◆ Brief ◆
If a line includes the word "True", it belongs in the count; state the total for the data below and add nothing.

[Supplied material]

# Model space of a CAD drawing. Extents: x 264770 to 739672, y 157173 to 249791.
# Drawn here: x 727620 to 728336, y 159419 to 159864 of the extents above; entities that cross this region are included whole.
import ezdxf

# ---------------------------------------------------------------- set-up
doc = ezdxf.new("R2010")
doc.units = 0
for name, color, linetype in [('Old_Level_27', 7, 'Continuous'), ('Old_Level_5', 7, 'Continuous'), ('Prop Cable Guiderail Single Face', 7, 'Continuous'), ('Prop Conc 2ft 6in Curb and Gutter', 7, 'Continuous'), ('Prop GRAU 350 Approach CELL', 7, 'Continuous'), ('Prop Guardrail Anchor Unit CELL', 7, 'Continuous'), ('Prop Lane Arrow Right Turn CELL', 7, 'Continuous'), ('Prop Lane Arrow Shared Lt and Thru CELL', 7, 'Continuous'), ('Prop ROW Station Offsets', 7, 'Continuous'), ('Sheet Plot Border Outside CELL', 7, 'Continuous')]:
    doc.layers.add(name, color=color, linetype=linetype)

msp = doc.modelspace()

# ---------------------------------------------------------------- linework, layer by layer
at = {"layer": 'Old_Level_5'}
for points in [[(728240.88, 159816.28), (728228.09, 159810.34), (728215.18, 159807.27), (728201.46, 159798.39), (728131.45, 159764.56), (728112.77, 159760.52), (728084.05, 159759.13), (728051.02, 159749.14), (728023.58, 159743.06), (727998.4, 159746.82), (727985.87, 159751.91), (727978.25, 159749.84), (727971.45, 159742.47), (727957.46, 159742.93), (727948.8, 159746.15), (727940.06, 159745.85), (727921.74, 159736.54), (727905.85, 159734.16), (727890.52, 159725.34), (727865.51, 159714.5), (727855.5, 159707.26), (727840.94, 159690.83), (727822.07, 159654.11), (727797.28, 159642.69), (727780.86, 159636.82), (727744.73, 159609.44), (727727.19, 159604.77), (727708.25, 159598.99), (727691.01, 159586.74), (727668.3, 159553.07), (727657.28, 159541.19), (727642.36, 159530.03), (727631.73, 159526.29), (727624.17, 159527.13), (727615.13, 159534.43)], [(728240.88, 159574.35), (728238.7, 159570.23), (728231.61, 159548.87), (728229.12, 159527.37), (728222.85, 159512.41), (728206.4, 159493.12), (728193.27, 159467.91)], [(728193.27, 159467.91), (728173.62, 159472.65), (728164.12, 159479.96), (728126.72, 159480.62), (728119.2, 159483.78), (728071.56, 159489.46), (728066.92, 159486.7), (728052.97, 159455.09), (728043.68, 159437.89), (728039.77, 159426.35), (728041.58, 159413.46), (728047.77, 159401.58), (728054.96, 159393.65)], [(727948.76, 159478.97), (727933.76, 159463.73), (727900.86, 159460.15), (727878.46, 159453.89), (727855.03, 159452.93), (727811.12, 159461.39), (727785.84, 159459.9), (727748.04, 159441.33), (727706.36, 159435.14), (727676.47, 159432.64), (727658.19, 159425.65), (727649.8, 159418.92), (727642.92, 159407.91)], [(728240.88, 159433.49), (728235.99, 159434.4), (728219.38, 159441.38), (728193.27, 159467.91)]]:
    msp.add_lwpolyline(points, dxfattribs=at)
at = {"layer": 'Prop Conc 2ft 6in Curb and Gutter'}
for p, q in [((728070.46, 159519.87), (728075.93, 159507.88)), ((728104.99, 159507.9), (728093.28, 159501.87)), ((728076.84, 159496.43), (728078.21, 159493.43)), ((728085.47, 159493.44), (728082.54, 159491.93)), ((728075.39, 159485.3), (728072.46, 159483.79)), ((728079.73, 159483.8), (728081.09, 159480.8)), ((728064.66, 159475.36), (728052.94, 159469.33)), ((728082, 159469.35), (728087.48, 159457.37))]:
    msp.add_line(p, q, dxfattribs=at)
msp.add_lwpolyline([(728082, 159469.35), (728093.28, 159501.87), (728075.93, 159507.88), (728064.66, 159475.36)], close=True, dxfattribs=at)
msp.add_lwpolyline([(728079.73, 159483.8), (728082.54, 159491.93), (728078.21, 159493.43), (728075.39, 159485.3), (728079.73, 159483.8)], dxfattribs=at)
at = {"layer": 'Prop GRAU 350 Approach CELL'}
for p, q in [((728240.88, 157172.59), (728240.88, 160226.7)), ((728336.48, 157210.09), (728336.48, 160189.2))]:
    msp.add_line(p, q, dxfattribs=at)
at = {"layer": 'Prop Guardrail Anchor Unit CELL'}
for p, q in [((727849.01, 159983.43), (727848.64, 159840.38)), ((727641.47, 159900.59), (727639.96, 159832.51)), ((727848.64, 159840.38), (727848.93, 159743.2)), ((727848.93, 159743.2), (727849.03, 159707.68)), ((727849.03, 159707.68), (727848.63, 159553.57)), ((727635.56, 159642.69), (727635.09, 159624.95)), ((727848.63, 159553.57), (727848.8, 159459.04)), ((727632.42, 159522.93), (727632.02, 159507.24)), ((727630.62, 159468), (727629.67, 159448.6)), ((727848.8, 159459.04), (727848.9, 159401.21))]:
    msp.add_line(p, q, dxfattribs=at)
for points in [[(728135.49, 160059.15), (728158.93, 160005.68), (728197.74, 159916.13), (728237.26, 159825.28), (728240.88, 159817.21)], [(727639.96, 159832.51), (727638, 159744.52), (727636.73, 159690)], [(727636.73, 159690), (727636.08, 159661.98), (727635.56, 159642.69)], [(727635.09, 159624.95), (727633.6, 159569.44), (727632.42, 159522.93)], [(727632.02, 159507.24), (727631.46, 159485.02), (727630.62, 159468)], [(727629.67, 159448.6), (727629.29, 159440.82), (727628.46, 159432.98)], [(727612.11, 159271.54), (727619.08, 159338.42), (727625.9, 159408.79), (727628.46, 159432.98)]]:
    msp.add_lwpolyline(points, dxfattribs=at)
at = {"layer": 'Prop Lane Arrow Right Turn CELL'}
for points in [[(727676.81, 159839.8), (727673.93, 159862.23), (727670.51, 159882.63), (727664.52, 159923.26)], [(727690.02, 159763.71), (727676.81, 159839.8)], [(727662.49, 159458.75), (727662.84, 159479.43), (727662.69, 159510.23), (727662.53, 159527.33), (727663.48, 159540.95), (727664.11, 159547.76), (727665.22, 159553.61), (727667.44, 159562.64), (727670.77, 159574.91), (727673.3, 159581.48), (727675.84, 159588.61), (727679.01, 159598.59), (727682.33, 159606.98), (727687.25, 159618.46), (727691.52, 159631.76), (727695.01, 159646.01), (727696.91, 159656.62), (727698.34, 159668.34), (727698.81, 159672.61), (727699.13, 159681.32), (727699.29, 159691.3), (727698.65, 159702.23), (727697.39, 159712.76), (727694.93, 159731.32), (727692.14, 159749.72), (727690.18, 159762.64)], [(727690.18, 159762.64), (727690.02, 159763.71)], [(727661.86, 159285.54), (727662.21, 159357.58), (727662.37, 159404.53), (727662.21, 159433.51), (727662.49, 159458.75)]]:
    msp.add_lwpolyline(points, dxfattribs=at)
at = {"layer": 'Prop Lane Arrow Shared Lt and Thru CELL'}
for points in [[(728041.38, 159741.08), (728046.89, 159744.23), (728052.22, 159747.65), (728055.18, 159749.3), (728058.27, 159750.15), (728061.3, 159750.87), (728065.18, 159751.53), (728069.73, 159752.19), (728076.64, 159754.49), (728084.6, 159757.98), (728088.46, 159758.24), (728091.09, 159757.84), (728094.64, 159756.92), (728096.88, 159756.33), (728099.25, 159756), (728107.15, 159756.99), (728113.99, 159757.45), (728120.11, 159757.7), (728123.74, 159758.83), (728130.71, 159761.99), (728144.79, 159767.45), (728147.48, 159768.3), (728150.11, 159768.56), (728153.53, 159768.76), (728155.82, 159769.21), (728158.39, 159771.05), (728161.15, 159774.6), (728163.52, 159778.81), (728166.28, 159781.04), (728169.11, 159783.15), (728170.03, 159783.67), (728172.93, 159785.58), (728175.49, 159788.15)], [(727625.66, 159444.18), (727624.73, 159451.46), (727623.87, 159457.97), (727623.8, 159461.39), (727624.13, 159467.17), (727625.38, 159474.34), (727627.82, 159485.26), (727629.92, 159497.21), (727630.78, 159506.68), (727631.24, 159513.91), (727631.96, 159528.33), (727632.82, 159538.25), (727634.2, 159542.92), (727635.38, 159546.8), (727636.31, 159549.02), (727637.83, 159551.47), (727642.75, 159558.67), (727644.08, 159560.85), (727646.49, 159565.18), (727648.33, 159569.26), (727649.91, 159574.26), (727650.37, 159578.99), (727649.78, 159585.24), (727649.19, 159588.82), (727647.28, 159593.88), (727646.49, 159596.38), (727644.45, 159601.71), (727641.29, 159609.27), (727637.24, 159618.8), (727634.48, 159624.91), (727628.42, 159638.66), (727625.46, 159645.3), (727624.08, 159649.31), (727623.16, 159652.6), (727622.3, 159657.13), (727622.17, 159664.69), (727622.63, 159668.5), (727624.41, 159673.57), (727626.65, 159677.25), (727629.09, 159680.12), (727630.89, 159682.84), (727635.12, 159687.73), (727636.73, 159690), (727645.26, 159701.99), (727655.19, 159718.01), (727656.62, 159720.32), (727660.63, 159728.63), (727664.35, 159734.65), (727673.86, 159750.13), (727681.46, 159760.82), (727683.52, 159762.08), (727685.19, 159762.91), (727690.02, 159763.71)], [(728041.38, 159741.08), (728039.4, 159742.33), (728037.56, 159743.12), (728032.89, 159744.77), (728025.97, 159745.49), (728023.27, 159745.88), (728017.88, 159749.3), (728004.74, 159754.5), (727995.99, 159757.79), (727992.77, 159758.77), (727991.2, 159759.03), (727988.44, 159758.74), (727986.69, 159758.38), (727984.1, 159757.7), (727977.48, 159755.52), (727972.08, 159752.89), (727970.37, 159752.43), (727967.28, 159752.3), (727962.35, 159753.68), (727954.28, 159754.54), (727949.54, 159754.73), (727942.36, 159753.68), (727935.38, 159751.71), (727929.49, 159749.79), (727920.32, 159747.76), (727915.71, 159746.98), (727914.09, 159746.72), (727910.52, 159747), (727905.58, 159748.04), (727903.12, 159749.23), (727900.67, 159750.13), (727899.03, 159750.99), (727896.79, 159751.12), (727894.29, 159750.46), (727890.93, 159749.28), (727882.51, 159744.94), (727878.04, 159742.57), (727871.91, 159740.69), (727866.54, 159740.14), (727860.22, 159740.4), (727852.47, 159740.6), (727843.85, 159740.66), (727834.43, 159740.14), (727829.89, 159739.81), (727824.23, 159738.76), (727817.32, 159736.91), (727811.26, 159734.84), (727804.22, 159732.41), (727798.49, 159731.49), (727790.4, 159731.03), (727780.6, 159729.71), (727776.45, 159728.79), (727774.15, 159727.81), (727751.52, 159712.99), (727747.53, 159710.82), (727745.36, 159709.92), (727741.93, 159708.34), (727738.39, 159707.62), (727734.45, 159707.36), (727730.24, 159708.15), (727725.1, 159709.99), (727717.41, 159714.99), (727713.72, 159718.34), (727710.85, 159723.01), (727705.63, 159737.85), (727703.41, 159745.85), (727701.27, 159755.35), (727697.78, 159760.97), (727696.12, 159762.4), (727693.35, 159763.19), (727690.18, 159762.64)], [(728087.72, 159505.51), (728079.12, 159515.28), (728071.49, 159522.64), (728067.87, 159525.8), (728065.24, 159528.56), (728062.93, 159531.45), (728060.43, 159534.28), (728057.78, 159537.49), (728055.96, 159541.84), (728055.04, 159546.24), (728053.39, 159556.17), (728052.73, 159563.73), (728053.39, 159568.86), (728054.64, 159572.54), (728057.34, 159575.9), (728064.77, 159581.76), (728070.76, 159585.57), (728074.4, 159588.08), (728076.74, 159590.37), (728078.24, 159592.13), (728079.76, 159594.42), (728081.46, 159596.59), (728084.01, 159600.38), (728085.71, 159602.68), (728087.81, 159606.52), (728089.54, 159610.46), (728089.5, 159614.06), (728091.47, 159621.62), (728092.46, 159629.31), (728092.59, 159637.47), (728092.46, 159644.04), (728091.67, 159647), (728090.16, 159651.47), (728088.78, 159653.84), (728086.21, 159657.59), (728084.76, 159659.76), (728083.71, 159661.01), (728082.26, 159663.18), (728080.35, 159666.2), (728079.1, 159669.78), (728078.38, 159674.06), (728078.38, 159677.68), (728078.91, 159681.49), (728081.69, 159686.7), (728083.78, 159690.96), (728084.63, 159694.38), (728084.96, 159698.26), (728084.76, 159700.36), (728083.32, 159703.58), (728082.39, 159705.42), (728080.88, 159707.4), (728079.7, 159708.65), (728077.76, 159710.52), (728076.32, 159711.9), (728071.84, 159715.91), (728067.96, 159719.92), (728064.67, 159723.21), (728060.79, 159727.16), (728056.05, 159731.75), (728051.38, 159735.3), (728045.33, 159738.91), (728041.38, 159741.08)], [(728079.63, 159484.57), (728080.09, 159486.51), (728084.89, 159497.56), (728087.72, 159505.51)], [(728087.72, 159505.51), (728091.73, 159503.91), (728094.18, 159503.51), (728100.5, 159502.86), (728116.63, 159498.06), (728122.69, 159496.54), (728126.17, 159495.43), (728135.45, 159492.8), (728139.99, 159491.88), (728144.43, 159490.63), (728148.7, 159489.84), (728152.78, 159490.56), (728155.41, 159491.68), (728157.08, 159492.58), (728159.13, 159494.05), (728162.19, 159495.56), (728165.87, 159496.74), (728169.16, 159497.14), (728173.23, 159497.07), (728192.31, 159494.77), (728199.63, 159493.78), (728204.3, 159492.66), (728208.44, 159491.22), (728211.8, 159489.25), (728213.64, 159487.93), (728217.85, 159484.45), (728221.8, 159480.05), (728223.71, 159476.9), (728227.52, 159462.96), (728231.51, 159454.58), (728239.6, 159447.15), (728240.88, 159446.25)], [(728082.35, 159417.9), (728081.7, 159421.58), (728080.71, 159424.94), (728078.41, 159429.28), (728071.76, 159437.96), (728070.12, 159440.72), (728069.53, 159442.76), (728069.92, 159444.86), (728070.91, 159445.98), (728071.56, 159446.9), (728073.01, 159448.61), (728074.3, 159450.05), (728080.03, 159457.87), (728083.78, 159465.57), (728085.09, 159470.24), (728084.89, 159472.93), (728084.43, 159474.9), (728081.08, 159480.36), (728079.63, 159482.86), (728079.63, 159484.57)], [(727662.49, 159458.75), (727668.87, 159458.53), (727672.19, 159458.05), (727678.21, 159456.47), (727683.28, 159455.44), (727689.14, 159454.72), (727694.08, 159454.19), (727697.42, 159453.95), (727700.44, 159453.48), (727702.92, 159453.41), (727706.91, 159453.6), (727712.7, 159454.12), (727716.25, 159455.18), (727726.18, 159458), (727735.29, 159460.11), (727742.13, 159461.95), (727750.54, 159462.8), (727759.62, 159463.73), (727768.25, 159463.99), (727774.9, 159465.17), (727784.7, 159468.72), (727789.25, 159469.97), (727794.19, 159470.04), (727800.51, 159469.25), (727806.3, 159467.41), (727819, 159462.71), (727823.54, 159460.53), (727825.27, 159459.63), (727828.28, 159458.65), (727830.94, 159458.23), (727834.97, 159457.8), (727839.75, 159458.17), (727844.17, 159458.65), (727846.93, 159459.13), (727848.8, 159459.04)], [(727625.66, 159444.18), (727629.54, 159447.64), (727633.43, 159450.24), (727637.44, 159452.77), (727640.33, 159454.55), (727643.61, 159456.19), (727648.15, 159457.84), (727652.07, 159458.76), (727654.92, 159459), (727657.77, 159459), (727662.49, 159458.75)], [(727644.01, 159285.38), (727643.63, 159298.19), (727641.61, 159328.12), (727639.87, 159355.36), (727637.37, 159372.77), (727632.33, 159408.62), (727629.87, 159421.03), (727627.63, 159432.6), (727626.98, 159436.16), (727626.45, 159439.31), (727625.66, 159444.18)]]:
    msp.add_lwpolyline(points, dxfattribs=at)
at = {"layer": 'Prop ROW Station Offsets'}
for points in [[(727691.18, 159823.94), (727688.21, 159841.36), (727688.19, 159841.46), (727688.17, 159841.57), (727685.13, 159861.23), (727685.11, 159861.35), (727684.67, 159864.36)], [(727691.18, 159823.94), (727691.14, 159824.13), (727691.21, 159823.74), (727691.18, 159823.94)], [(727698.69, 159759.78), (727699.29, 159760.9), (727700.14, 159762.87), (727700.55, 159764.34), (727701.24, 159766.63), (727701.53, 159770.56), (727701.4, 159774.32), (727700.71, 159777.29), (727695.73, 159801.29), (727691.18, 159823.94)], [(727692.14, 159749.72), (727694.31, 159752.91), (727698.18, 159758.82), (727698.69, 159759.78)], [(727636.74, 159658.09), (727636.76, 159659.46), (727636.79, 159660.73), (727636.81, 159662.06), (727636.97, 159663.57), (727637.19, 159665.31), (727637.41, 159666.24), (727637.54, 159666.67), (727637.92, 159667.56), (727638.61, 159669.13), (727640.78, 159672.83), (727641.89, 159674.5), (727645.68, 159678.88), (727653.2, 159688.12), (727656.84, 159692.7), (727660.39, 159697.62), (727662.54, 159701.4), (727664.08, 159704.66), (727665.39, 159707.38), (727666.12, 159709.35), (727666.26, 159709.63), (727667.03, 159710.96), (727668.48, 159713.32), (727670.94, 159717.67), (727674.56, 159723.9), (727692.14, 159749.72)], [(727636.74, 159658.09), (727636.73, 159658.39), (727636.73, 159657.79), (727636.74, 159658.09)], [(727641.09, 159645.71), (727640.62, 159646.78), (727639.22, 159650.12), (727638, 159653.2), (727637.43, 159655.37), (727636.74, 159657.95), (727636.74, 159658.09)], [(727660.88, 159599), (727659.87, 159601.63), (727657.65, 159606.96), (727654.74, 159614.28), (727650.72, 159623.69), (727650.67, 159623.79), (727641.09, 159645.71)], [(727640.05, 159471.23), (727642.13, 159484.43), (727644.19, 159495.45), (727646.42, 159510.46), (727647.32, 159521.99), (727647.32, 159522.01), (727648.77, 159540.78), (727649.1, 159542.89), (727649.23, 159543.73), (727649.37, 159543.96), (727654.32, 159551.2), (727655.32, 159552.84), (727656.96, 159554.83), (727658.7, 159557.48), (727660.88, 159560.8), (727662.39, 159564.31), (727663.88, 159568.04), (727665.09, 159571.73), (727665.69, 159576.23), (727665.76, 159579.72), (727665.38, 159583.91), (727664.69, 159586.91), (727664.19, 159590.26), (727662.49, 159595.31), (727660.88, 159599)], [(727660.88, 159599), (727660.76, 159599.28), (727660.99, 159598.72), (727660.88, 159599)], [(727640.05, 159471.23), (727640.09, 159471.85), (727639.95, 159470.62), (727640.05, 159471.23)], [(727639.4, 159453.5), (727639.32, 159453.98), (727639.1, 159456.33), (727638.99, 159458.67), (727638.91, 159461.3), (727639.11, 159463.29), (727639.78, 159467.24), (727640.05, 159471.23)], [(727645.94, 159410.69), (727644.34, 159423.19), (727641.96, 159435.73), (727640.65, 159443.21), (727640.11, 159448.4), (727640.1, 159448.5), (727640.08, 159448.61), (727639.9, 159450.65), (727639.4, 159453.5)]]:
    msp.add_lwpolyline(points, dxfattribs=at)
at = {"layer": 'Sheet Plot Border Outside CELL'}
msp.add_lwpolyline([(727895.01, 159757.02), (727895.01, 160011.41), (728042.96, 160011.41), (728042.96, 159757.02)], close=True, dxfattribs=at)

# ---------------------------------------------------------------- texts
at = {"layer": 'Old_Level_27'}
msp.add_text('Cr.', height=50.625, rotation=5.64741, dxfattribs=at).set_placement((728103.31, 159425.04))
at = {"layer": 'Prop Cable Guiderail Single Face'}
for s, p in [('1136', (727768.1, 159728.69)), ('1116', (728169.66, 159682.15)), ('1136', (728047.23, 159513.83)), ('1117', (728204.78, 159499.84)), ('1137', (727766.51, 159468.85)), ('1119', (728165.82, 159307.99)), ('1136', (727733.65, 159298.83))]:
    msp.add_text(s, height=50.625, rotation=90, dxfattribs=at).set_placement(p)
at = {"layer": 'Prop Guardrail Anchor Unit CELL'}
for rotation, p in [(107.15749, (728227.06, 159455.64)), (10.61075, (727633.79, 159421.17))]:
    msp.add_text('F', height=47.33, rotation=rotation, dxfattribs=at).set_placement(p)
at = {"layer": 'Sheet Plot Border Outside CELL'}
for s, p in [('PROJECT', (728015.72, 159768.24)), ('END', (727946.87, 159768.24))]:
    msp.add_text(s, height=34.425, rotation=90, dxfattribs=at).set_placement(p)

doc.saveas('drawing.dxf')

[/Supplied material]

◆ Answer ◆
2